Atomic hydrogen adsorption and incipient hydrogenation of the Mg(0001) surface: A density-functional theory study

TL;DR

This study uses density-functional theory to analyze hydrogen adsorption on Mg(0001), revealing stable adsorption sites, energetics, and the formation of a hydrogenated MgH2-like structure, advancing understanding of magnesium surface hydrogenation.

Contribution

It provides a comprehensive first-principles analysis of hydrogen adsorption sites, energetics, and structural transformations on Mg(0001), including the formation of a MgH2-like phase during surface hydrogenation.

Findings

On-surface fcc site is most stable for hydrogen adsorption.

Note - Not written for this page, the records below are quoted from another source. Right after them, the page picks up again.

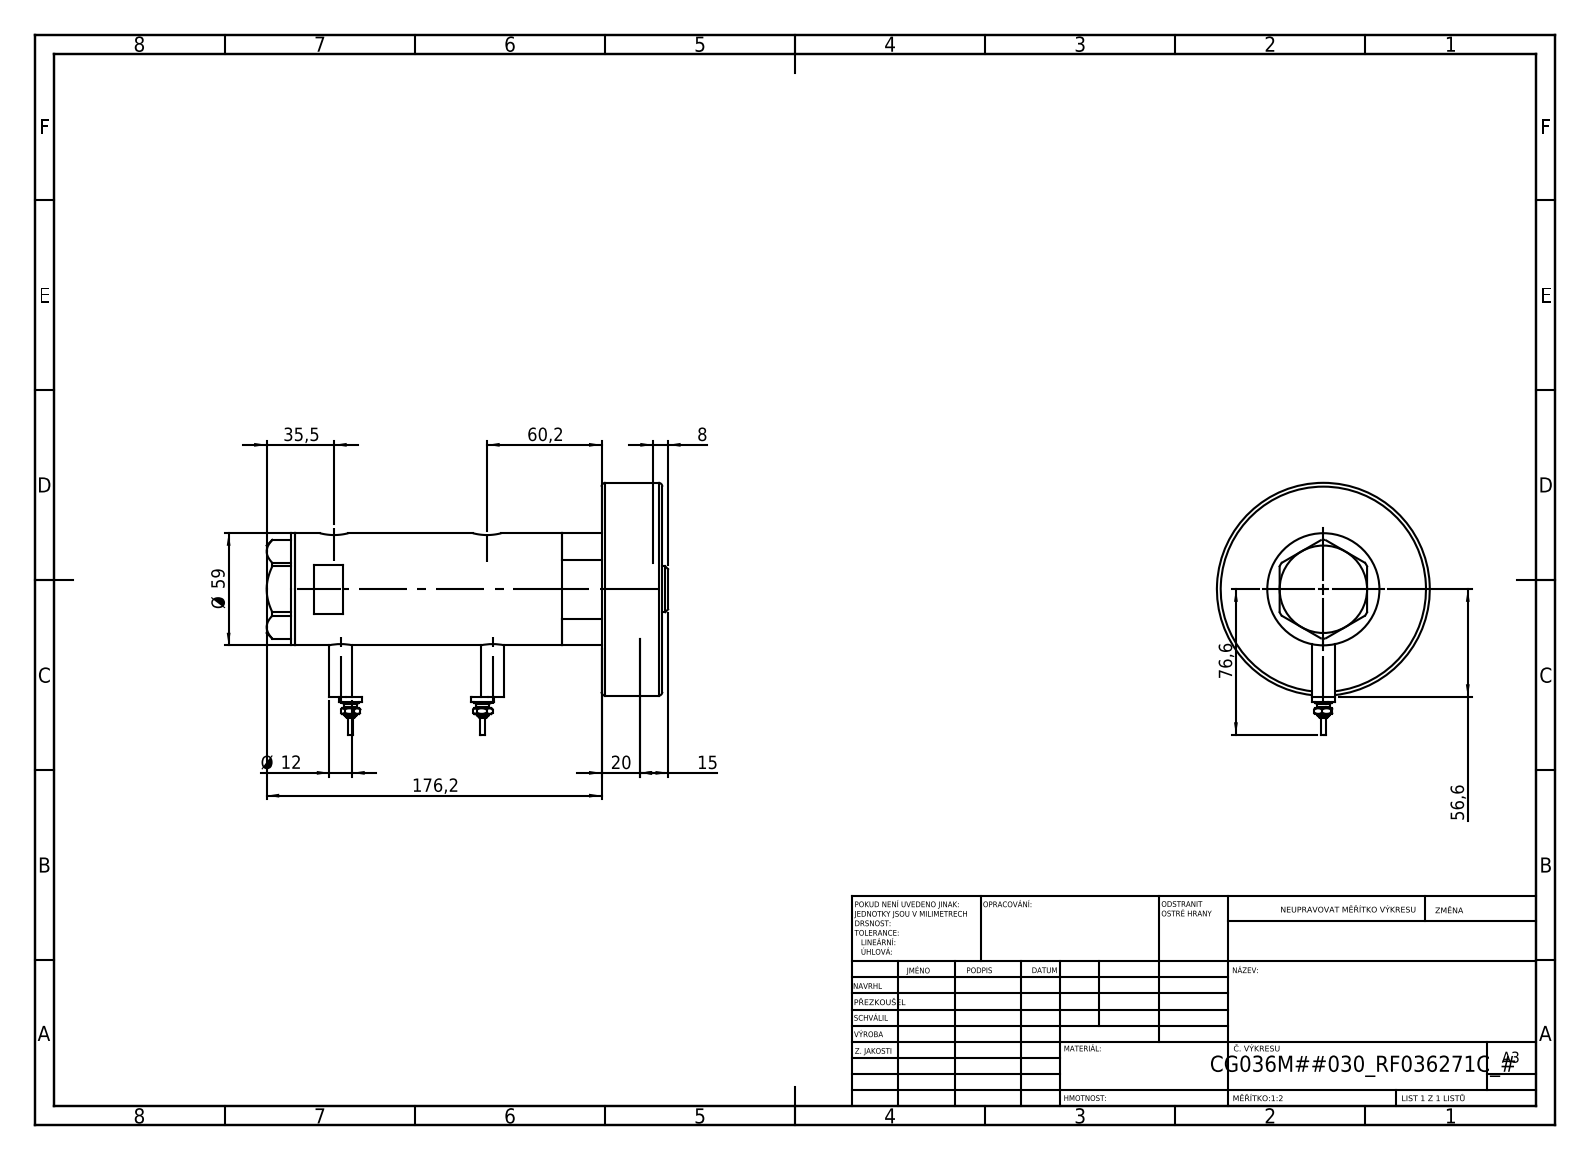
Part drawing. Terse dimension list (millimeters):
name: V270CG_FRONT; V270CG_MIDDLE; V270CG_271C; V270CG_BACK (+2 more)
written by: SolidWorks 2019 (CONFIG_CONTROL_DESIGN)
unit: mm
bodies: 7 solids, 222 faces (81 planar, 73 cylindrical, 68 other)
size: 211.2 × 132.6 × 112
volume: 751 758 mm³; area: 135 007 mm²
holes: 2× ⌀9.73, 2× ⌀12.5, 2× ⌀15, 1× ⌀8.5, 1× ⌀25, 1× ⌀26.5, 1× ⌀36, 1× ⌀40, 1× ⌀48, 1× ⌀52
bosses: 4× ⌀12, 2× ⌀9, 2× ⌀7, 2× ⌀4.5, 2× ⌀2.5, 1× ⌀112, 1× ⌀59, 1× ⌀46
face distances: 32, 161.2, 193.2, 102.2, 59, 91, 23.5, 78.7, 137.7, 169.7
hole spacings: 2.9, 3.5, 77, 79.9, 80.5, 83.4
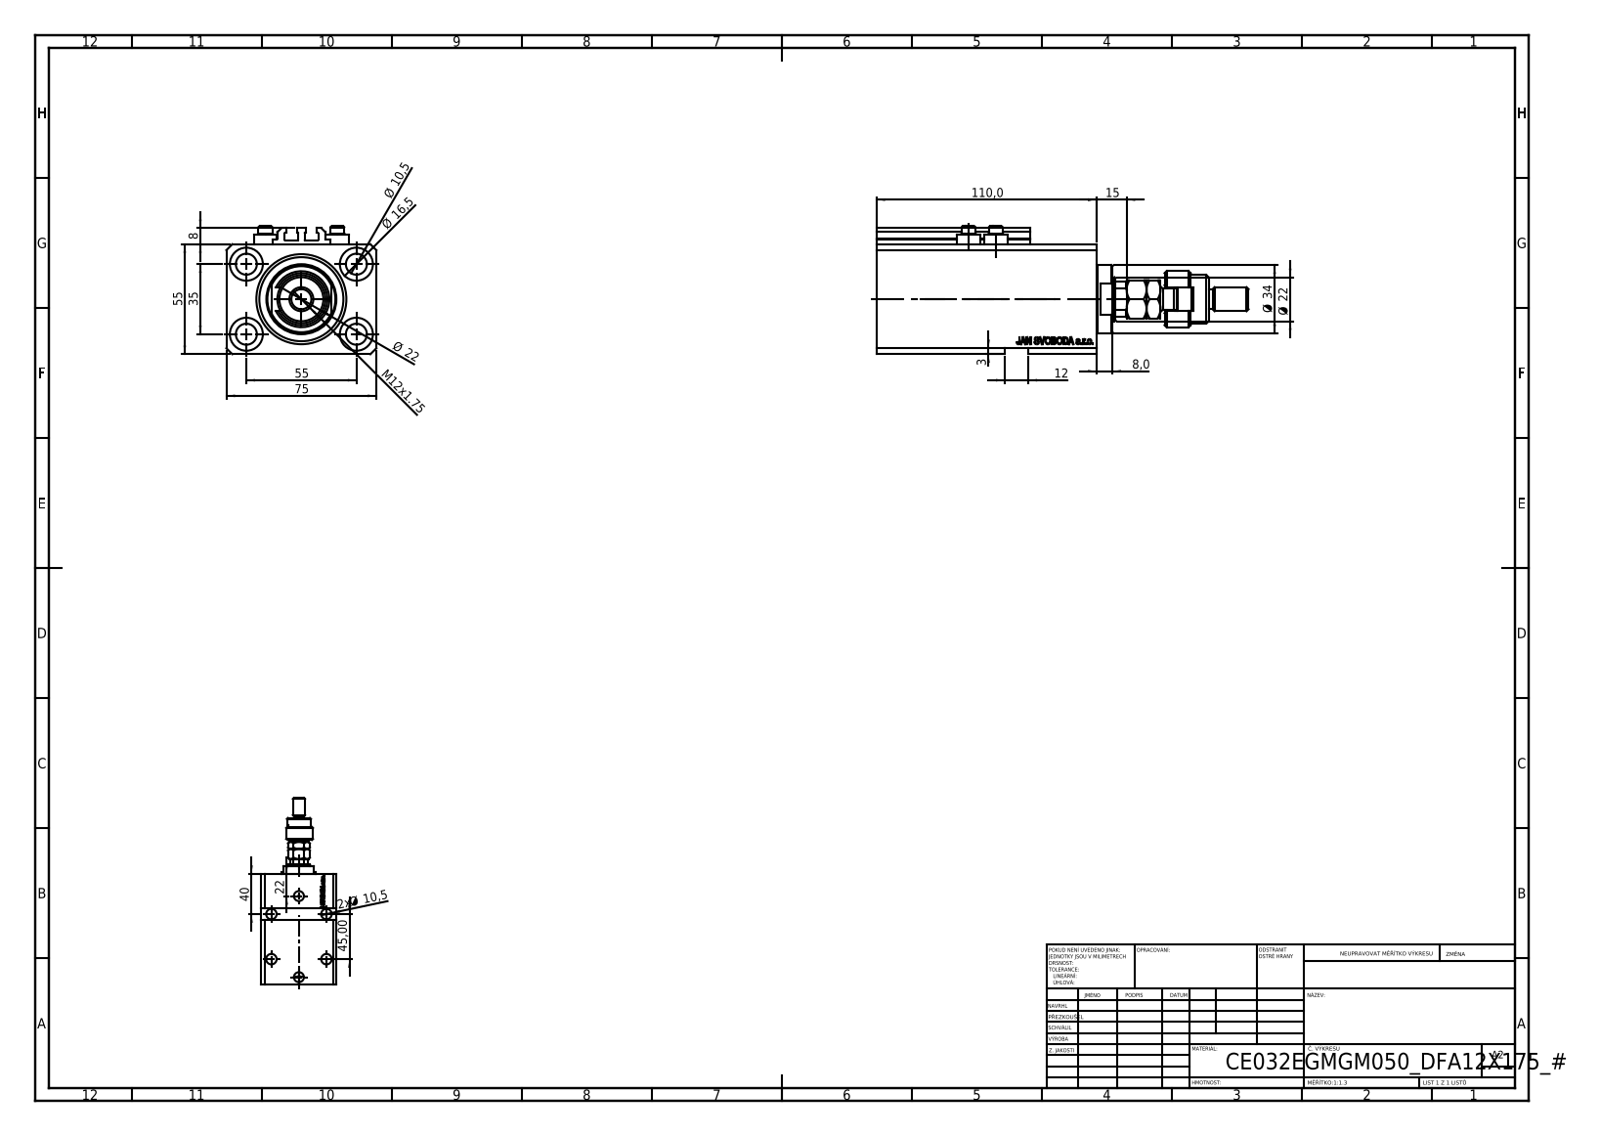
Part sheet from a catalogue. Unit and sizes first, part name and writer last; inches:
Units: inches
Overall size (bounding box): 7.323 × 2.953 × 2.52
Round holes (diameter × count): ⌀0.413 ×9, ⌀0.049 ×4, ⌀0.157 ×4, ⌀0.65 ×4, ⌀0.394 ×2, ⌀0.518 ×2, ⌀0.787 ×2, ⌀0.866 ×1, ⌀1.26 ×1, ⌀1.772 ×1
Round bosses / shafts (diameter × count): ⌀0.457 ×4, ⌀0.276 ×4, ⌀1.339 ×1, ⌀1.102 ×1, ⌀0.945 ×1, ⌀0.709 ×1, ⌀0.472 ×1, ⌀0.433 ×1
Partial cylindrical surfaces — rounded edges, fillets, slot ends (radius × count): R0.008 ×10, R0.384 ×1, R0.413 ×1
Main face-to-face distances: 2.165, 2.953, 0.591, 4.331, 0.118, 3.74, 0.39, 0.315, 0.748, 3.35
Hole centre spacings: 1.283, 1.294, 2.165, 2.706, 0.535, 0.555, 0.907, 1.016
Volume: 24.36 in³ · Surface area: 159.3 in²
Bodies: 10 solids, 1169 faces (542 planar, 159 cylindrical, 468 other)
Part name (STEP PRODUCT): V250CE_VC_E; MFA; V250CE_C_VCP; FEMALE_PART_FOR_DFA (+2 more)
STEP written by: SolidWorks 2019 (CONFIG_CONTROL_DESIGN)
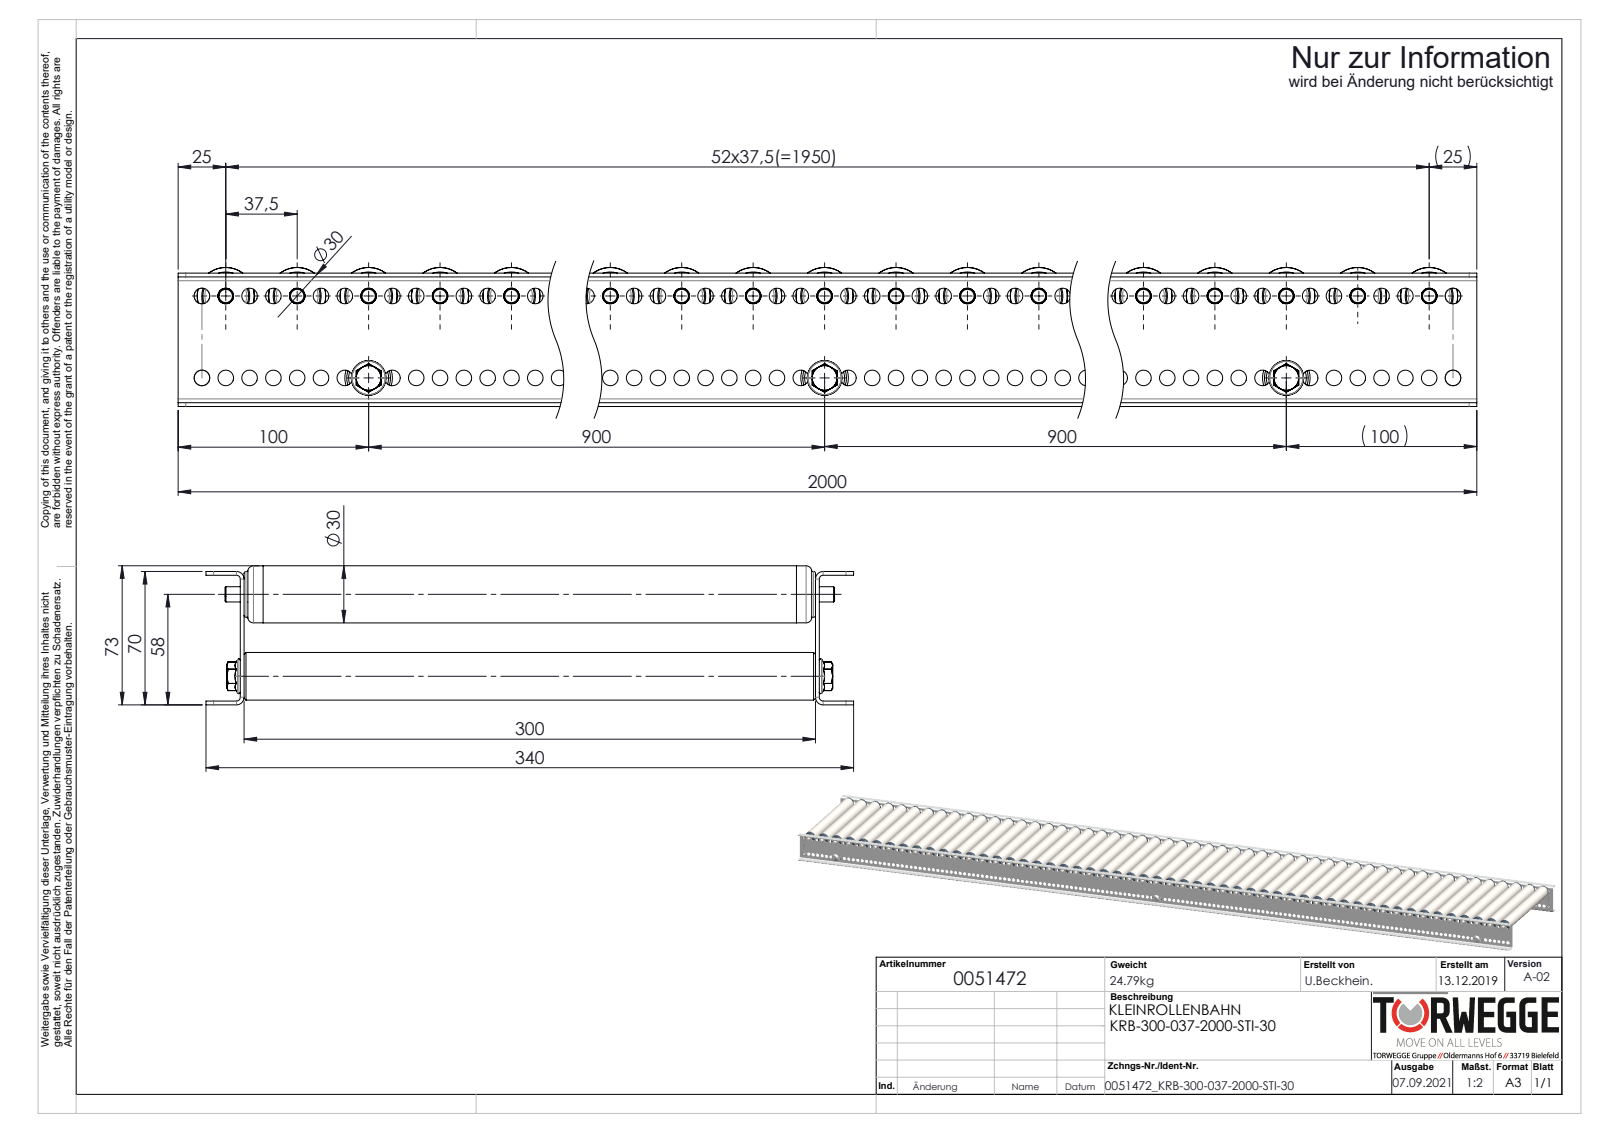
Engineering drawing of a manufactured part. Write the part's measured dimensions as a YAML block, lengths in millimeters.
part_name: "Traversen_KFG_L300; 0042503_Typ-KUT50-30x1,5-A8; 0051472; 0040250_DRUCK-FEDER-8mm (+6 more)"
step_written_by: "SolidWorks 2020 (AUTOMOTIVE_DESIGN)"
units: millimeters
bodies: {solids: 335, faces: 14068, planar: 4402, cylindrical: 5588, other: 4078}
overall_size: [2000, 340, 73]
volume: 3810000
surface_area: 4808000
round_holes:
  - {diameter: 8.2, count: 318}
  - {diameter: 8, count: 53}
  - {diameter: 8.1, count: 53}
  - {diameter: 23.2, count: 53}
  - {diameter: 25.2, count: 53}
  - {diameter: 27, count: 53}
  - {diameter: 6.8, count: 3}
  - {diameter: 21, count: 3}
round_bosses_or_shafts:
  - {diameter: 30, count: 53}
  - {diameter: 29.9, count: 53}
  - {diameter: 27.1, count: 53}
  - {diameter: 26.8, count: 53}
  - {diameter: 24, count: 53}
  - {diameter: 14, count: 53}
  - {diameter: 25, count: 3}
  - {diameter: 8, count: 3}
partial_cylinders:
  - {radius: 5.05, count: 53}
  - {radius: 4, count: 8}
  - {radius: 2, count: 4}
face_to_face_distances: [2, 302, 300, 68, 304, 70, 66, 10, 290, 20]
hole_center_spacings: [12.5, 25, 37.5, 50, 62.5, 75, 87.5, 100]

Hydrogen tends to form islands and clusters at higher coverage.

A stable H-Mg-H sandwich structure resembles MgH2 in electronic properties.

Abstract

We investigate the atomic hydrogen adsorption on Mg(0001) by using density-functional theory within the generalized gradient approximation and a supercell approach. The coverage dependence of the adsorption structures and energetics is systematically studied for a wide range of coverage and adsorption sites. In the coverage range $0<\Theta<1.0, the most stable among all possible adsorption sites is the on-surface fcc site followed by the hcp site, and the binding energy increases with the coverage, thus indicating the higher stability of on-surface adsorption and a tendecy to the formation of H islands (clusters) when increasing the coverage within the region $0<\Theta<1.0. The on-surface diffusion path energetics of atomic hydrogen, as well as the activation barriers for hydrogen penetration from the on-surface to the subsurface sites, are also presented at low coverage. At high coverage of $1.00<\Theta<2.0, it is found that the coadsorption configuration with 1.0 monolayer of H's residing on the surface fcc sites and the remaining monolayer of H's occupying the subsurface tetra-I sites is most energetically favourable. The resultant H-Mg-H sandwich structure for this most stable coadsorption configuration displays similar spectral features to the bulk hydride MgH$_{2}$ in the density of states. The other properties of the H/Mg(0001) system, including the charge distribution, the lattice relaxation, the work function, and the electronic density of states, are also studied and discussed in detail. It is pointed out that the H-Mg chemical bonding during surface hydrogenation displays a mixed ionic/covalent character.